Sou uma pessoa que sempre se cerca de todas as formas de proteção imagináveis. Por isso, antes do meu primeiro vôo de avião, fiz pesquisa sobre as possibilidades de catástrofe, até as estatísticas me convencerem de que eram realmente pequenas. Conversei com amigos que já haviam viajado, li sobre o funcionamento dos aviões, escolhi uma boa companhia aérea. E no dia D embarquei, mala de um lado, amiga do outro para dar apoio moral, em um vôo de 15 min Recife-João Pessoa.

“Você é adulta, aviões voam a 3 X 4 todos os dias e esta cia. é ótima. Não há razão para temer qualquer fatalidade”, foi o que ouvi. Bem, algumas fatalidades aconteceram.

Chego ao guichê e a atendente informa que meu vôo vai atrasar. Peço detalhes, enquanto ela insiste em repetir a informação com outras palavras, pedindo meu telefone, me chamando de “senhora “ pra aqui, “senhora” pra acolá... Atitudes respeitosas, quando vindas de quem não deseja ajudar, soam extremamente irônicas. Eu me pergunto onde estão aquelas moças simpáticas e eficientíssimas das propagandas da Telemar. Deviam ser elas pra atender a gente. Pelo menos não matam o cliente com gerundismo.

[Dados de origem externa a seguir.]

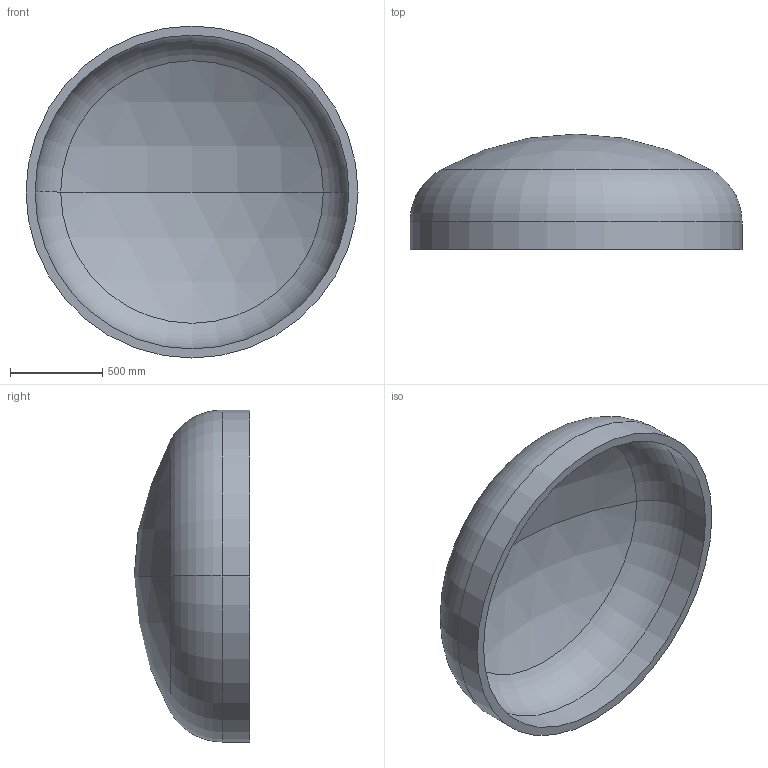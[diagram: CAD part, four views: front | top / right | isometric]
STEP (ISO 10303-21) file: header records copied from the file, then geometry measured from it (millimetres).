
FILE_DESCRIPTION (( 'STEP AP203' ), '1' );
FILE_NAME ('DIN 28013 Korbbogenform_-_Boden DIN 28013 - 1800 x 150 - I - s=49.step', '2016-07-01T12:33:31', ( '' ), ( '' ), 'SwSTEP 2.0', 'SolidWorks 2013', '' );
FILE_SCHEMA (( 'CONFIG_CONTROL_DESIGN' ));
Length unit declared in the file: millimetre
Products named in the file (1): DIN 28013 Korbbogenform_-_Boden DIN 28013 - 1800 x 150 - I - s=49
Bounding box: 1800 x 626.36 x 1800 mm (x, y, z)
Volume: 206813783.4 mm3; surface area: 8715950.6 mm2
Topology: 1 solids, 1 shells, 13 faces, 24 edges, 14 vertices
Faces by surface type: torus 4, cylinder 4, sphere 4, plane 1
Entity records: 407 total; most frequent: DIRECTION 72, CARTESIAN_POINT 52, ORIENTED_EDGE 48, AXIS2_PLACEMENT_3D 34, EDGE_CURVE 24, CIRCLE 20, EDGE_LOOP 14, VERTEX_POINT 14
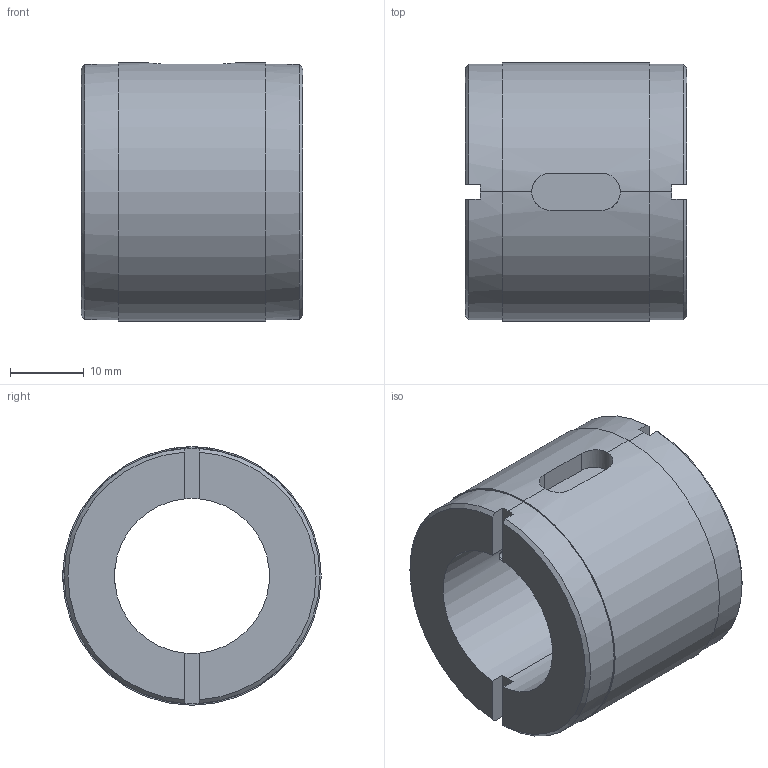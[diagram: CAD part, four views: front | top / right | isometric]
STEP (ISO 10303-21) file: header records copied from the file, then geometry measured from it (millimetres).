
FILE_DESCRIPTION (( 'STEP AP214' ), '1' );
FILE_NAME ('KGM-N 2020.STEP', '2021-01-19T08:45:33', ( 'user' ), ( 'datathink' ), 'SwSTEP 2.0', 'SolidWorks 2013', '' );
FILE_SCHEMA (( 'AUTOMOTIVE_DESIGN' ));
Length unit declared in the file: millimetre
Products named in the file (1): KGM-N 2020
Bounding box: 30 x 35 x 35 mm (x, y, z)
Volume: 17945.8 mm3; surface area: 6625.4 mm2
Topology: 1 solids, 1 shells, 38 faces, 107 edges, 71 vertices
Faces by surface type: plane 21, cylinder 13, cone 4
Entity records: 1400 total; most frequent: CARTESIAN_POINT 365, ORIENTED_EDGE 214, DIRECTION 208, EDGE_CURVE 107, AXIS2_PLACEMENT_3D 78, VERTEX_POINT 71, LINE 52, VECTOR 52
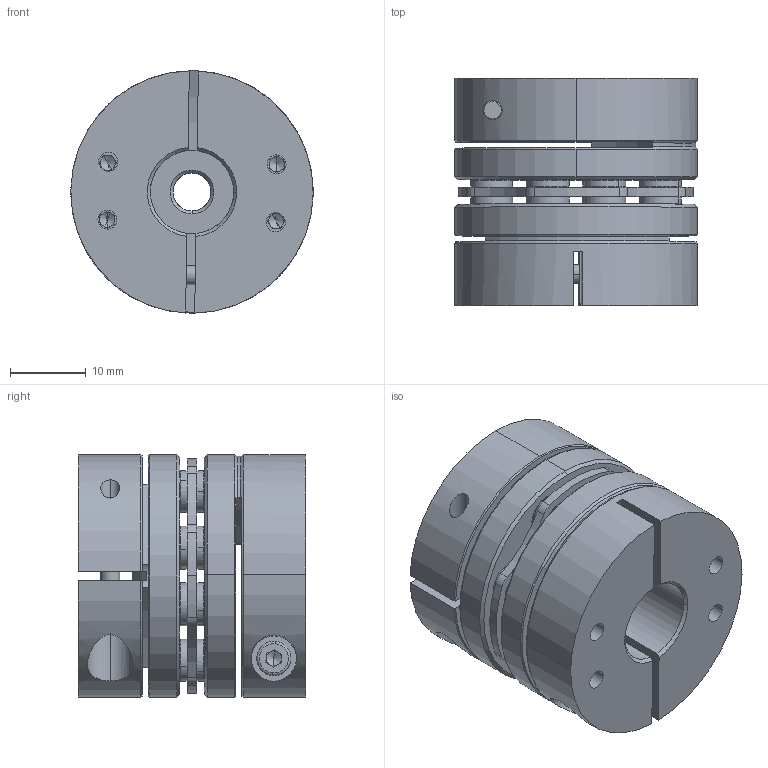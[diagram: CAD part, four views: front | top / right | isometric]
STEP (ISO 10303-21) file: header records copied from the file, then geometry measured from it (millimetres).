
FILE_DESCRIPTION (( 'STEP AP203' ), '1' );
FILE_NAME ('LDG-32-B1-5-11.STEP', '2021-10-28T05:03:25', ( '' ), ( '' ), 'SwSTEP 2.0', 'SolidWorks 2018', '' );
FILE_SCHEMA (( 'CONFIG_CONTROL_DESIGN' ));
Length unit declared in the file: millimetre
Products named in the file (2): 錨璃5^LDG-32蚾饜芞1; LDG-32-B1-5-11
Assembly tree (1 placements, depth 2):
  LDG-32-B1-5-11
    錨璃5^LDG-32蚾饜芞1
Bounding box: 32 x 30 x 32 mm (x, y, z)
Volume: 18358.3 mm3; surface area: 13287 mm2
Topology: 1 solids, 11 shells, 795 faces, 1967 edges, 1216 vertices
Faces by surface type: cylinder 301, plane 244, cone 230, torus 20
Entity records: 24193 total; most frequent: CARTESIAN_POINT 4474, DIRECTION 4465, ORIENTED_EDGE 3878, EDGE_CURVE 1939, AXIS2_PLACEMENT_3D 1819, VERTEX_POINT 1216, CIRCLE 1020, EDGE_LOOP 939

Mas eu queria falar do avião. Depois de usar toda a minha habilidade lingüística, consigo ser transferida para outro vôo no mesmo horário, onde coisas interessantes me aguardam.

Estou preparada. Embarco e planejo um cochilo. Assim, a viagem de 15 min fica mais curta e, se eu morrer, talvez nem fique sabendo. Infelizmente, o avião está lotado de barulhentos passageiros de até 9 anos de idade.

Pergunto à aeromoça se não errei e vim parar numa creche. Ela ri, me dando força. Abençoada seja.

Afinal, são apenas 15 min. Claro que é tempo suficiente para uma catástrofe acontecer, bombas atômicas devem matar populações inteiras em muito menos que isso, mas, caramba, é a primeira vez, não vou dar esse azar. É bem verdade que esse negócio de “primeira vez não dá azar” é engodo, as mães dos meus ilustres colegas de vôo podem ter pensado assim... E olha só as criancinhas aí, reais e saudáveis, chorando, correndo, fazendo necessidades fisiológicas, que bonitinho...Pois é, primeira vez não dá imunidade a ninguém, sobre nada, minha nossa senhora, o que é que eu estou fazendo aqui? Engravidar, não, mas morrer, tem chance. Vou escafeder, vou embora.

Mas a moça percebe e me conduz de volta à poltrona D5, como se eu tivesse 6 anos. Amarra meu cinto. Uma voz anuncia a decolagem. Tudo transcorre sem problemas. Outra voz fala ao microfone.

“A cia. tal gostaria de sortear entre os passageiros uma lembrança de nosso vôo: um queijo suíço. E, atenção, o queijo vai para o passageiro sentado na poltrona D5”.

D5? Ganhei. Ganhei! Vou lá...

“Repito, passageiro B – de bola - 5. Para evitar controvérsias”.

Controvérsias não evitadas. Com os glúteos já no ar, finjo que me levantei para alongar e volto à poltrona. Minha vizinha do outro lado do corredor, com um bebê indeciso entre chorar e gritar, levanta-se e vai buscar o prêmio, recebe o queijo nas mãos e começa a preencher um formulário assegurando que o recebeu. Mas, de repente...

- Opa, perae que o queijo é meu, viss...

Todos os olhares se viram para o sujeito sentado na poltrona ao lado da dela.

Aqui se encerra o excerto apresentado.